PROBLEM DESCRIPTION
Look through the lines below for the word "Autodesk", and copy every line that has it.

Extracted records
* * * *

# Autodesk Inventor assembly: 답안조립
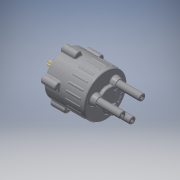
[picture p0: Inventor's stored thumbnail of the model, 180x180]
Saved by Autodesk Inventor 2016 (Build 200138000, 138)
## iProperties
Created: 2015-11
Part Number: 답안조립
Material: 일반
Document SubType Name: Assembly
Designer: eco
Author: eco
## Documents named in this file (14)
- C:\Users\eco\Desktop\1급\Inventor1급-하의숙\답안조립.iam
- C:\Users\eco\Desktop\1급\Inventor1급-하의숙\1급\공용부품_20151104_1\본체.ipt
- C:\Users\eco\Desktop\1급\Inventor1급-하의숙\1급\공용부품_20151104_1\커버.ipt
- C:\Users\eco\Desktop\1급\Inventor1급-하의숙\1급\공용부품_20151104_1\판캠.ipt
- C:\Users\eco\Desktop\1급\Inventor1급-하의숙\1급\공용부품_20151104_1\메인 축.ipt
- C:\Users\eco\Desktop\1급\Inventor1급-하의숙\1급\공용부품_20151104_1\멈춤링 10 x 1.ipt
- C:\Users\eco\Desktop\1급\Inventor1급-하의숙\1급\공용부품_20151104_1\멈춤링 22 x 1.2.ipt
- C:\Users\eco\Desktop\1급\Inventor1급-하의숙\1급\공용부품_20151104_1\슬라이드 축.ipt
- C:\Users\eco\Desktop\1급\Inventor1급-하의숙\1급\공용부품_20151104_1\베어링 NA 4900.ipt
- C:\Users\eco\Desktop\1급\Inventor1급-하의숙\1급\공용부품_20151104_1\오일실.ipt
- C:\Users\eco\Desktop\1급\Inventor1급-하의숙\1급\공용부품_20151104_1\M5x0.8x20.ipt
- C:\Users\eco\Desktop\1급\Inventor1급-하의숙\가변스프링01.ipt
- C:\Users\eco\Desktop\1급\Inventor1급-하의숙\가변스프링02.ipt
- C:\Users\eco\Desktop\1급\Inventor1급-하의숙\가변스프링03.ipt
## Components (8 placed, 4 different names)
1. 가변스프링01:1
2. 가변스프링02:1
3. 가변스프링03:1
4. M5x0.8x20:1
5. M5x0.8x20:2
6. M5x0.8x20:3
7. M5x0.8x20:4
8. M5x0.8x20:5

* * * *

YOUR RESPONSE
# Autodesk Inventor assembly: 답안조립
Saved by Autodesk Inventor 2016 (Build 200138000, 138)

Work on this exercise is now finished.